The National Review comes out forcefully for Brexit, in an excellent piece which takes David Cameron to task for the tawdry and nauseatingly left-wing campaign he has run.

Money quote:

One of the less noticed aspects of the referendum campaign has been the extent to which Cameron has had to rely more and more on fundamentally left-wing arguments to make the case for the EU — and, indeed, to rely more and more on Labour and trade-union organizations, too. He removed from the government’s program some items of legislation that were especially offensive to labor unions in return for the unions’ spending more on campaigns to arouse their apathetic members (many of whom are in fact Euro-skeptic). That oddity has gradually revealed two hitherto unseen truths about the campaign: First, the EU is essentially a left-wing corporatist cause that is hard to support on conservative grounds; second, the traditional Tory arguments of patriotism and free enterprise not only can’t be appealed to, but would arouse emotions on the right that would weaken Remain’s entire case, including its only positive argument for staying in.

That argument is that Britain would face ruin outside the EU and prosperity inside, as all “experts” know. Those experts turn out to be (some) corporate businessmen, the leaders of international organizations such as the International Monetary Fund, and heads of governments such as President Obama. Delegations of all three have been turning up in London and issuing grave warnings about Brexit at regular intervals. Small businesses and native entrepreneurs such as inventor James Dyson apparently don’t count as experts, but they have been speaking out in favor of Brexit, as have a significant number of leaders of both British and multinational corporations. What is emerging as a fault line is that this battle is between Davos Man and the rest of us.

The National Review goes on to criticise the sheer defeatism and pessimism of the Remain campaign, whose pitch to the electorate has basically been that Britain is too small, weak and puny to prosper outside of the EU’s political union:

It would be easy to continue rebuking the alarmist scare stories from Remain — and distinguished economists, including two former British finance ministers, have been doing so with zest. What is more important is to realize that they are designed not to persuade but to instil a sense of defeatism in the British people. Their consistent message is that the Brits are rubbish, can’t hack it, need the protection of Europe, and that anyone who differs from this masochistic view is in the grip of an imperialist nostalgia.

That is nonsense. The Brits are an unusually influential middle-ranking power in military, diplomatic, and intelligence terms. Culturally speaking, they are a global superpower. And — to repeat — Britain is the fifth-largest economy in the world, a leading member of all the main international bodies and likely to remain so, and a country which is a byword for effective democratic constitutional governance. It is — or ought to be — shocking that a British government should seek to instil a false sense of failure and dependency in its citizens in order to win a campaign they can’t win on the intellectual merits of the case.

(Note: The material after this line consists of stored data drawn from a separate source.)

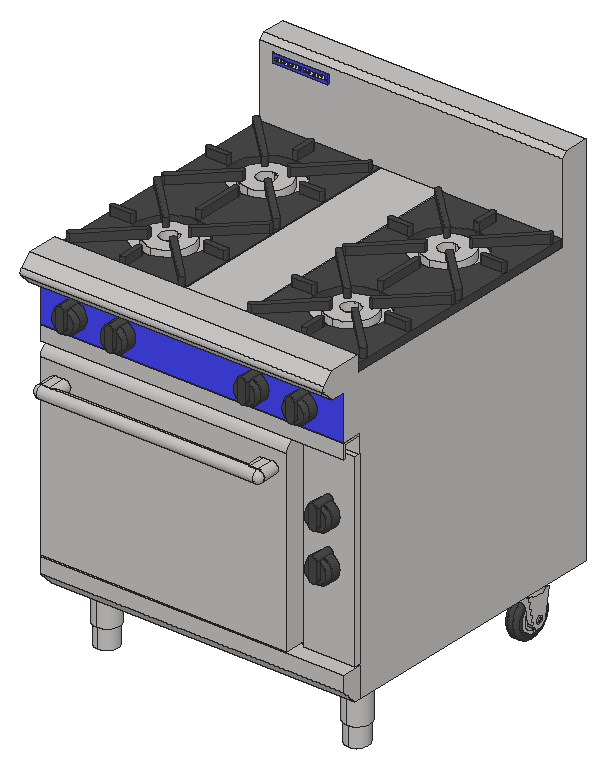
Revit family "QF_MOFFAT_BLUESEAL_CE_GE505D", category Specialty Equipment, Revit 2012 (continued)
Lines and regions (mm)
  symbolic lines
    curve 127: line (628.593, -512.407, 0) -> (741.73, -399.27, 0)
    curve 128: line (571.407, -562.593, 0) -> (458.27, -675.73, 0)
    curve 129: line (628.593, -562.593, 0) -> (741.73, -675.73, 0)
    curve 130: line (599.966, -96.281, 0) -> (599.966, -149.16, 0)
    curve 131: line (571.407, -269.593, 0) -> (458.27, -382.73, 0)
    curve 132: line (628.593, -269.593, 0) -> (741.73, -382.73, 0)
    curve 133: line (571.407, -205.407, 0) -> (458.27, -92.27, 0)
    curve 134: line (628.593, -205.407, 0) -> (741.73, -92.27, 0)
    curve 135: line (740.74, -241, 0) -> (690.74, -241, 0)
    curve 136: line (458.233, -241, 0) -> (509.959, -241, 0)
    curve 137: arc (600, -322.5, 150) -> (515, -237.5, 150) -> (600, -152.5, 150) r 85
    curve 138: arc (600, -152.5, 150) -> (685, -237.5, 150) -> (600, -322.5, 150) r 85
    curve 139: arc (600, -180.5, 150) -> (543, -237.5, 150) -> (600, -294.5, 150) r 57
    curve 140: arc (600, -294.5, 150) -> (657, -237.5, 150) -> (600, -180.5, 150) r 57
    curve 141: arc (600, -259.5, 150) -> (578, -237.5, 150) -> (600, -215.5, 150) r 22
    curve 142: arc (600, -215.5, 150) -> (622, -237.5, 150) -> (600, -259.5, 150) r 22
    curve 143: line (149.988, -331.778, 0) -> (149.988, -448.358, 0)
    curve 144: line (150.034, -681.268, 0) -> (150.034, -628.558, 0)
    curve 145: line (9.26, -537.634, 0) -> (59.26, -537.634, 0)
    curve 146: line (178.593, -512.407, 0) -> (291.73, -399.27, 0)
    curve 147: line (291.767, -537.634, 0) -> (240.041, -537.634, 0)
    curve 148: arc (150, -480.5, 150) -> (207, -537.5, 150) -> (150, -594.5, 150) r 57
    curve 149: arc (150, -594.5, 150) -> (93, -537.5, 150) -> (150, -480.5, 150) r 57
    curve 150: arc (150, -622.768, 150) -> (235, -537.768, 150) -> (150, -452.768, 150) r 85
    curve 151: arc (150, -452.768, 150) -> (65, -537.768, 150) -> (150, -622.768, 150) r 85
    curve 152: arc (150, -515.5, 150) -> (128, -537.5, 150) -> (150, -559.5, 150) r 22
    curve 153: arc (150, -559.5, 150) -> (172, -537.5, 150) -> (150, -515.5, 150) r 22
    curve 154: line (121.407, -512.407, 0) -> (8.27, -399.27, 0)
    curve 155: line (178.593, -562.593, 0) -> (291.73, -675.73, 0)
    curve 156: line (121.407, -562.593, 0) -> (8.27, -675.73, 0)
    curve 157: line (150.034, -96.281, 0) -> (150.034, -149.16, 0)
    curve 158: line (178.593, -269.593, 0) -> (291.73, -382.73, 0)
    curve 159: line (121.407, -269.593, 0) -> (8.27, -382.73, 0)
    curve 160: line (9.26, -241, 0) -> (59.26, -241, 0)
    curve 161: line (291.767, -241, 0) -> (240.041, -241, 0)
    curve 162: arc (150, -322.5, 150) -> (235, -237.5, 150) -> (150, -152.5, 150) r 85
    curve 163: arc (150, -152.5, 150) -> (65, -237.5, 150) -> (150, -322.5, 150) r 85
    curve 164: arc (150, -180.5, 150) -> (207, -237.5, 150) -> (150, -294.5, 150) r 57
    curve 165: arc (150, -294.5, 150) -> (93, -237.5, 150) -> (150, -180.5, 150) r 57
    curve 166: arc (150, -259.5, 150) -> (172, -237.5, 150) -> (150, -215.5, 150) r 22
    curve 167: arc (150, -215.5, 150) -> (128, -237.5, 150) -> (150, -259.5, 150) r 22
    curve 168: line (178.593, -205.407, 0) -> (291.73, -92.27, 0)
    curve 169: line (121.407, -205.407, 0) -> (8.27, -92.27, 0)
    curve 170: line (32.794, -18.385, 150) -> (260.753, -18.385, 150)
    curve 171: arc (260.753, -18.385, 150) -> (265.753, -19.725, 150) -> (269.413, -23.385, 150) r 10
    curve 172: line (269.413, -23.385, 150) -> (273.455, -30.385, 150)
    curve 173: arc (273.455, -30.385, 150) -> (273.455, -40.385, 150) -> (264.794, -45.385, 150) r 10
    curve 174: line (264.794, -45.385, 150) -> (36.836, -45.385, 150)
    curve 175: arc (36.836, -45.385, 150) -> (31.836, -44.045, 150) -> (28.176, -40.385, 150) r 10
    curve 176: line (28.176, -40.385, 150) -> (24.134, -33.385, 150)
    curve 177: arc (24.134, -33.385, 150) -> (24.134, -23.385, 150) -> (32.794, -18.385, 150) r 10
    curve 178: line (710.753, -18.385, 150) -> (482.794, -18.385, 150)
    curve 179: arc (482.794, -18.385, 150) -> (474.134, -23.385, 150) -> (474.134, -33.385, 150) r 10
    curve 180: line (474.134, -33.385, 150) -> (478.176, -40.385, 150)
    curve 181: arc (478.176, -40.385, 150) -> (481.836, -44.045, 150) -> (486.836, -45.385, 150) r 10
    curve 182: line (486.836, -45.385, 150) -> (714.794, -45.385, 150)
    curve 183: arc (714.794, -45.385, 150) -> (723.455, -40.385, 150) -> (723.455, -30.385, 150) r 10
    curve 184: line (723.455, -30.385, 150) -> (719.413, -23.385, 150)
    curve 185: arc (719.413, -23.385, 150) -> (715.753, -19.725, 150) -> (710.753, -18.385, 150) r 10
    curve 186: line (0, -783.97, 150) -> (750, -783.97, 150)
    curve 187: line (0, -57.5, 150) -> (750, -57.5, 150)
  symbolic lines, style "QF_Door-Drawer Clearances", visible <- "Show Clearance"
    curve 116: line (0, -812, 0) -> (0, -1211.516, 0)
    curve 117: line (0, -1211.516, 0) -> (610, -1211.516, 0)
    curve 118: line (610, -1211.516, 0) -> (610, -812, 0)
Dimensions and locks
  equal spacing: plane 3 "LEFT", plane 7 "Center Y", plane 4 "RIGHT"
  "Width": plane 3 "LEFT" to plane 4 "RIGHT"
  equal spacing: plane 5 "FRONT", plane 8 "Center X", plane 1 "BACK"
  "Depth": plane 5 "FRONT" to plane 1 "BACK"
  equal spacing: plane 4 "RIGHT", plane 7 "Center Y", plane 3 "LEFT"
  plane 4 "RIGHT" to plane 3 "LEFT" = 750 mm
  plane 6 "TOP" to level = 970 mm  (x2)
  Extrusion 2 to level = 655 mm
  Extrusion 2 to plane 1 "BACK" = 32 mm
  plane 5 "FRONT" to plane 1 "BACK" = 812 mm
  Extrusion 1 to level = 915 mm
  plane 10 "Base Height" to level = 150 mm
  plane 6 "TOP" to plane 2 = 970 mm
  locked: plane 2 to Extrusion 1 sketch curve at 875
  locked: plane 2 to Extrusion 1 sketch curve at 915
  Extrusion 4 sketch curve to plane 11 = 64.8 mm
  locked: plane 13 to plane 4 "RIGHT" at 65
  plane 14 to Extrusion 9 sketch curve = 64.8 mm
  plane 1 "BACK" to plane 15 = 500 mm
  plane 17 to level = 1085 mm
  Extrusion 29 sketch curve to plane 1 "BACK" = 501 mm
  Extrusion 29 sketch curve to plane 4 "RIGHT" = 74 mm
  "Height": plane 17 to level
  Revolve 33 sketch curve to Revolve 33 sketch curve = 50.8 mm
  Revolve 37 sketch curve to Revolve 37 sketch curve = 50.8 mm
  aligned and locked: level to plane 2
  aligned and locked: curve 3 to plane 4 "RIGHT"
  aligned and locked: Extrusion 4 to curve 7
  aligned and locked: Extrusion 1 to plane 4 "RIGHT"
  aligned and locked: Revolve 6 to plane 13  (x5)
  aligned and locked: Extrusion 7 to Extrusion 4
Automatic sketch dimensions
  curve 8 to curve 9 = 0 mm  (x2)
  curve 10 to curve 11 = 0 mm  (x2)
  curve 12 to curve 13 = 0 mm  (x2)
  curve 14 to curve 15 = 0 mm  (x2)
  curve 16 to curve 17 = 0 mm  (x2)
  curve 18 to curve 19 = 0 mm  (x2)
  curve 20 to curve 21 = 0 mm  (x2)
  curve 22 to curve 23 = 0 mm  (x2)
  curve 24 to curve 25 = 0 mm  (x2)
  curve 26 to curve 27 = 0 mm  (x2)
  curve 28 to curve 29 = 0 mm  (x2)
  curve 30 to curve 31 = 0 mm  (x2)
  curve 32 to curve 33 = 0 mm  (x2)
  curve 34 to curve 35 = 0 mm  (x2)
  curve 36 to curve 37 = 0 mm  (x2)
  curve 38 to curve 39 = 0 mm  (x2)
  curve 40 to curve 41 = 0 mm  (x2)
  curve 42 to curve 43 = 0 mm  (x2)
  curve 44 to curve 45 = 0 mm  (x2)
  curve 46 to curve 47 = 0 mm  (x2)
  curve 48 to curve 49 = 0 mm  (x2)
  curve 50 to curve 51 = 0 mm  (x2)
  curve 52 to curve 53 = 0 mm  (x2)
  curve 54 to curve 55 = 0 mm  (x2)
  curve 56 to curve 57 = 0 mm  (x2)
  curve 58 to curve 59 = 0 mm  (x2)
  curve 60 to curve 61 = 0 mm  (x2)
  curve 62 to curve 63 = 0 mm  (x2)
  curve 64 to curve 65 = 0 mm  (x2)
  curve 66 to curve 67 = 0 mm  (x2)
  curve 68 to curve 69 = 0 mm  (x2)
  curve 70 to curve 71 = 0 mm  (x2)
  curve 72 to curve 73 = 0 mm  (x2)
  curve 74 to curve 75 = 0 mm  (x2)
  curve 76 to curve 77 = 0 mm  (x2)
  curve 78 to curve 79 = 0 mm  (x2)
  curve 80 to curve 81 = 0 mm  (x2)
  curve 82 to curve 83 = 0 mm  (x2)
  curve 84 to curve 85 = 0 mm  (x2)
  curve 86 to curve 87 = 0 mm  (x2)
  curve 88 to curve 89 = 0 mm  (x2)
  curve 90 to curve 91 = 0 mm  (x2)
  curve 92 to curve 93 = 0 mm  (x2)
  curve 94 to curve 95 = 0 mm  (x2)
  curve 96 to curve 97 = 0 mm  (x2)
  curve 98 to curve 99 = 0 mm  (x2)
  curve 100 to curve 101 = 0 mm  (x2)
  curve 102 to curve 103 = 0 mm  (x2)
  curve 104 to curve 105 = 0 mm  (x2)
  curve 106 to curve 107 = 0 mm  (x2)
  curve 108 to curve 109 = 0 mm  (x2)
  plane 1 "BACK" to curve 1 = 0 mm
  curve 1 to plane 3 "LEFT" = 0 mm
  curve 71 to plane 7 "Center Y" = 0 mm
  curve 52 to plane 7 "Center Y" = 0 mm
  curve 22 to plane 7 "Center Y" = 0 mm
  curve 17 to plane 7 "Center Y" = 0 mm
  curve 11 to plane 7 "Center Y" = 0 mm
  curve 47 to plane 7 "Center Y" = 0 mm
  curve 58 to plane 7 "Center Y" = 0 mm
  curve 107 to plane 7 "Center Y" = 0 mm
  curve 64 to plane 7 "Center Y" = 0 mm
  curve 101 to plane 7 "Center Y" = 0 mm
  curve 41 to plane 7 "Center Y" = 0 mm
  curve 28 to plane 7 "Center Y" = 0 mm
  curve 95 to plane 7 "Center Y" = 0 mm
  curve 76 to plane 7 "Center Y" = 0 mm
  curve 89 to plane 7 "Center Y" = 0 mm
  curve 35 to plane 7 "Center Y" = 0 mm
  curve 82 to plane 7 "Center Y" = 0 mm
  plane 5 "FRONT" to curve 118 = 0 mm
  plane 3 "LEFT" to curve 159 = 8.27 mm
  plane 3 "LEFT" to curve 156 = 8.27 mm
  plane 3 "LEFT" to curve 154 = 8.27 mm
  plane 3 "LEFT" to curve 169 = 8.27 mm
  plane 3 "LEFT" to curve 145 = 9.26 mm
  plane 3 "LEFT" to curve 160 = 9.26 mm
  curve 145 to curve 145 = 50 mm
  curve 160 to curve 160 = 50 mm
  curve 145 to curve 156 = 62.147 mm
  curve 160 to curve 169 = 62.147 mm
  curve 159 to curve 169 = 0 mm
  curve 154 to plane 15 = 12.407 mm
  curve 154 to curve 156 = 0 mm
  curve 154 to curve 143 = 28.581 mm
  curve 156 to curve 144 = 28.628 mm
  curve 169 to curve 157 = 28.628 mm
  curve 159 to curve 158 = 57.187 mm
  curve 169 to curve 168 = 57.187 mm
  curve 146 to plane 15 = 12.407 mm
  curve 154 to curve 146 = 57.187 mm
  curve 155 to plane 15 = 62.593 mm
  curve 155 to curve 146 = 0 mm
  curve 158 to curve 161 = 61.447 mm
  curve 155 to curve 147 = 61.447 mm
  plane 8 "Center X" to curve 146 = 6.73 mm
  curve 146 to curve 7 = 8.27 mm  (x2)
  curve 155 to curve 119 = 8.27 mm
  plane 9 to curve 168 = 7.73 mm
  curve 168 to curve 119 = 8.27 mm
  plane 8 "Center X" to curve 158 = 23.27 mm
  curve 158 to curve 7 = 8.27 mm
  curve 147 to curve 147 = 51.727 mm
  curve 161 to curve 161 = 51.727 mm
  curve 15 to curve 16 = 47.424 mm
  curve 9 to curve 14 = 0 mm
  curve 20 to curve 14 = 0 mm
  curve 155 to curve 105 = 35.846 mm
  curve 99 to curve 104 = 0 mm
  curve 26 to curve 20 = 0 mm
  curve 93 to curve 98 = 0 mm
  curve 87 to curve 92 = 0 mm
  curve 32 to curve 26 = 0 mm
  curve 81 to curve 86 = 0 mm
  plane 15 to curve 75 = 2.963 mm
  curve 75 to curve 80 = 0 mm
  curve 38 to curve 32 = 0 mm
  curve 68 to curve 74 = 0 mm
  curve 63 to curve 68 = 0 mm
  curve 44 to curve 38 = 0 mm
  plane 8 "Center X" to curve 57 = 10.963 mm
  curve 57 to curve 62 = 0 mm
  curve 51 to curve 56 = 0 mm
  curve 85 to plane 15 = 31.037 mm
  curve 82 to curve 85 = 47.424 mm
  curve 29 to curve 31 = 47.424 mm
  curve 36 to curve 30 = 0 mm
  plane 15 to curve 79 = 2.963 mm
  curve 79 to curve 84 = 0 mm
  curve 90 to curve 84 = 0 mm
  curve 73 to curve 78 = 0 mm
  curve 96 to curve 90 = 0 mm
  curve 25 to curve 30 = 0 mm
  curve 42 to curve 36 = 0 mm
  curve 67 to curve 72 = 0 mm
  curve 102 to curve 96 = 0 mm
  plane 8 "Center X" to curve 61 = 10.963 mm
  curve 61 to curve 66 = 0 mm
  curve 108 to curve 102 = 0 mm
  curve 48 to curve 42 = 0 mm
  curve 12 to plane 9 = 15.037 mm
  curve 10 to curve 12 = 47.424 mm
  curve 55 to curve 60 = 0 mm
  curve 18 to curve 12 = 0 mm
  curve 12 to curve 120 = 27.576 mm
  curve 36 to curve 136 = 35.809 mm
  curve 84 to curve 115 = 35.809 mm
  plane 9 to curve 133 = 7.73 mm
  curve 120 to curve 133 = 8.27 mm
  curve 120 to curve 128 = 8.27 mm
  plane 8 "Center X" to curve 113 = 6.73 mm
  curve 114 to curve 113 = 8.27 mm
  plane 8 "Center X" to curve 131 = 23.27 mm
  curve 114 to curve 131 = 8.27 mm
  curve 115 to curve 115 = 51.727 mm
  curve 136 to curve 136 = 51.727 mm
  curve 128 to plane 12 = 48.593 mm
  curve 131 to plane 12 = 48.593 mm
  curve 113 to plane 15 = 12.407 mm
  curve 113 to plane 12 = 48.593 mm
  curve 133 to plane 12 = 48.593 mm
  plane 9 to curve 130 = 3.719 mm
  curve 130 to plane 12 = 20.034 mm
  curve 111 to plane 12 = 20.034 mm
  curve 110 to plane 12 = 19.988 mm
  curve 118 to plane 12 = 10 mm
  plane 12 to curve 129 = 8.593 mm
  plane 12 to curve 132 = 8.593 mm
  plane 12 to curve 134 = 8.593 mm
  plane 12 to curve 127 = 8.593 mm
  curve 112 to plane 13 = 5.74 mm
  curve 135 to plane 13 = 5.74 mm
  plane 4 "RIGHT" to curve 112 = 9.26 mm
  plane 4 "RIGHT" to curve 135 = 9.26 mm
  plane 4 "RIGHT" to curve 134 = 8.27 mm
  plane 4 "RIGHT" to curve 132 = 8.27 mm
  plane 4 "RIGHT" to curve 129 = 8.27 mm
  plane 4 "RIGHT" to curve 127 = 8.27 mm
  curve 117 to curve 118 = 399.516 mm
  curve 119 to plane 5 "FRONT" = 107 mm
  curve 111 to plane 5 "FRONT" = 130.732 mm
  curve 144 to curve 155 = 118.675 mm
  curve 119 to curve 155 = 29.27 mm
  curve 120 to curve 128 = 29.27 mm
  curve 5 to curve 129 = 29.27 mm
  curve 5 to curve 156 = 29.27 mm
  curve 128 to curve 109 = 8.693 mm
  curve 155 to curve 104 = 8.693 mm
  curve 106 to curve 108 = 0 mm
  curve 106 to curve 106 = 8 mm
  curve 104 to curve 105 = 8 mm
  curve 108 to curve 109 = 8 mm
  curve 106 to curve 100 = 18 mm
  curve 104 to curve 99 = 18 mm
  curve 108 to curve 102 = 18 mm
  curve 144 to curve 144 = 52.71 mm
  curve 111 to curve 111 = 52.71 mm
  curve 98 to curve 98 = 8 mm
  curve 100 to curve 100 = 8 mm
  curve 102 to curve 102 = 8 mm
  curve 98 to curve 93 = 18 mm
  curve 102 to curve 97 = 18 mm
  curve 100 to curve 94 = 18 mm
  curve 92 to curve 93 = 8 mm
  curve 94 to curve 94 = 8 mm
  curve 96 to curve 97 = 8 mm
  curve 92 to curve 87 = 18 mm
  curve 94 to curve 88 = 18 mm
  curve 96 to curve 90 = 18 mm
  curve 156 to curve 154 = 50.187 mm
  curve 128 to curve 113 = 50.187 mm
  curve 128 to curve 129 = 0 mm
  curve 90 to curve 90 = 8 mm
  curve 88 to curve 89 = 8 mm
  curve 86 to curve 87 = 8 mm
  curve 115 to curve 84 = 6.597 mm
  curve 147 to plane 15 = 37.634 mm
  curve 112 to plane 15 = 37.634 mm
  curve 145 to plane 15 = 37.634 mm
  curve 86 to curve 80 = 18 mm
  curve 88 to curve 82 = 18 mm
  curve 84 to curve 84 = 8 mm
  curve 80 to curve 81 = 8 mm
  curve 82 to curve 82 = 8 mm
  curve 127 to plane 15 = 12.407 mm
  plane 15 to curve 77 = 2.963 mm
  curve 78 to curve 79 = 8 mm
  curve 74 to curve 74 = 8 mm
  curve 76 to curve 76 = 8 mm
  curve 76 to curve 71 = 18 mm
  curve 74 to curve 68 = 18 mm
  curve 78 to curve 73 = 18 mm
  curve 72 to curve 73 = 8 mm
  curve 68 to curve 69 = 8 mm
  curve 70 to curve 70 = 8 mm
  curve 143 to plane 8 "Center X" = 42.358 mm
  curve 110 to plane 8 "Center X" = 42.358 mm
  curve 72 to curve 67 = 18 mm
  curve 68 to curve 63 = 18 mm
  curve 70 to curve 64 = 18 mm
  curve 66 to curve 66 = 8 mm
  curve 62 to curve 63 = 8 mm
  curve 64 to curve 65 = 8 mm
  plane 8 "Center X" to curve 127 = 6.73 mm
  plane 8 "Center X" to curve 154 = 6.73 mm
  plane 8 "Center X" to curve 59 = 10.963 mm
  curve 113 to curve 114 = 8.27 mm
  curve 58 to curve 59 = 8 mm
  curve 60 to curve 61 = 8 mm
  curve 56 to curve 56 = 8 mm
  curve 114 to curve 132 = 8.27 mm
  curve 7 to curve 159 = 8.27 mm
  curve 56 to curve 51 = 18 mm
  curve 60 to curve 54 = 18 mm
  curve 58 to curve 52 = 18 mm
  curve 52 to curve 52 = 8 mm
  curve 54 to curve 55 = 8 mm
  curve 50 to curve 50 = 8 mm
  plane 8 "Center X" to curve 143 = 74.222 mm
  curve 50 to curve 45 = 18 mm
  curve 54 to curve 49 = 18 mm
  curve 52 to curve 47 = 18 mm
  plane 8 "Center X" to curve 110 = 80 mm
  curve 48 to curve 49 = 8 mm
  curve 44 to curve 45 = 8 mm
  curve 46 to curve 46 = 8 mm
  curve 46 to curve 40 = 18 mm
  curve 44 to curve 38 = 18 mm
  curve 48 to curve 43 = 18 mm
  curve 38 to curve 38 = 8 mm
  curve 40 to curve 41 = 8 mm
  curve 42 to curve 43 = 8 mm
  curve 143 to curve 158 = 62.185 mm
  curve 110 to curve 132 = 56.407 mm
  curve 131 to curve 132 = 0 mm
  curve 159 to curve 158 = 0 mm
  curve 40 to curve 34 = 18 mm
  curve 42 to curve 37 = 18 mm
  curve 38 to curve 32 = 18 mm
  curve 36 to curve 36 = 8 mm
  curve 34 to curve 34 = 8 mm
  curve 32 to curve 33 = 8 mm
  curve 32 to curve 161 = 2.037 mm
  curve 36 to curve 136 = 2.037 mm
  curve 159 to curve 160 = 28.593 mm
  curve 132 to curve 135 = 28.593 mm
  curve 32 to curve 26 = 18 mm
  curve 34 to curve 28 = 18 mm
  curve 36 to curve 31 = 18 mm
  curve 30 to curve 30 = 8 mm
  curve 28 to curve 28 = 8 mm
  curve 26 to curve 26 = 8 mm
  curve 131 to curve 133 = 64.187 mm
  curve 158 to curve 168 = 64.187 mm
  curve 169 to curve 168 = 0 mm
  curve 133 to curve 134 = 0 mm
  curve 28 to curve 22 = 18 mm
  curve 30 to curve 24 = 18 mm
  curve 26 to curve 21 = 18 mm
  curve 20 to curve 20 = 8 mm
  curve 24 to curve 25 = 8 mm
  curve 22 to curve 22 = 8 mm
  curve 20 to curve 15 = 18 mm
  curve 22 to curve 17 = 18 mm
  curve 24 to curve 19 = 18 mm
  curve 157 to plane 9 = 49.16 mm
  curve 130 to plane 9 = 49.16 mm
  curve 14 to curve 14 = 8 mm
  curve 16 to curve 17 = 8 mm
  curve 18 to curve 19 = 8 mm
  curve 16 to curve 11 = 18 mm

And of the three explanations later offered by the National Review for this appalling behaviour from the British establishment, the third is the most persuasive:

Third, and above all, a half-conscious rejection of democracy. For the EU is a mechanism that enables the political and other elites in Britain to escape from the constraints of democracy. It removes power from institutions subject to the voters in elections, such as the House of Commons, and vests it increasingly in courts and bureaucracies in Brussels that are effectively free of democratic control and even of democratic oversight. As a result, the EU is seductively appealing to those who want to exercise power and who believe they would do so more responsibly and successfully if they did not have to account for their decisions to… well, ordinary people like their relatives.

All three passions are temptations to the power-hungry, and they have shaped a Remain campaign reflecting the interests and values of post-national, post-democratic elites. Once we step outside the moral universe of these elites, however, there is no case whatever for Britain to surrender its self-governing democracy to Brussels.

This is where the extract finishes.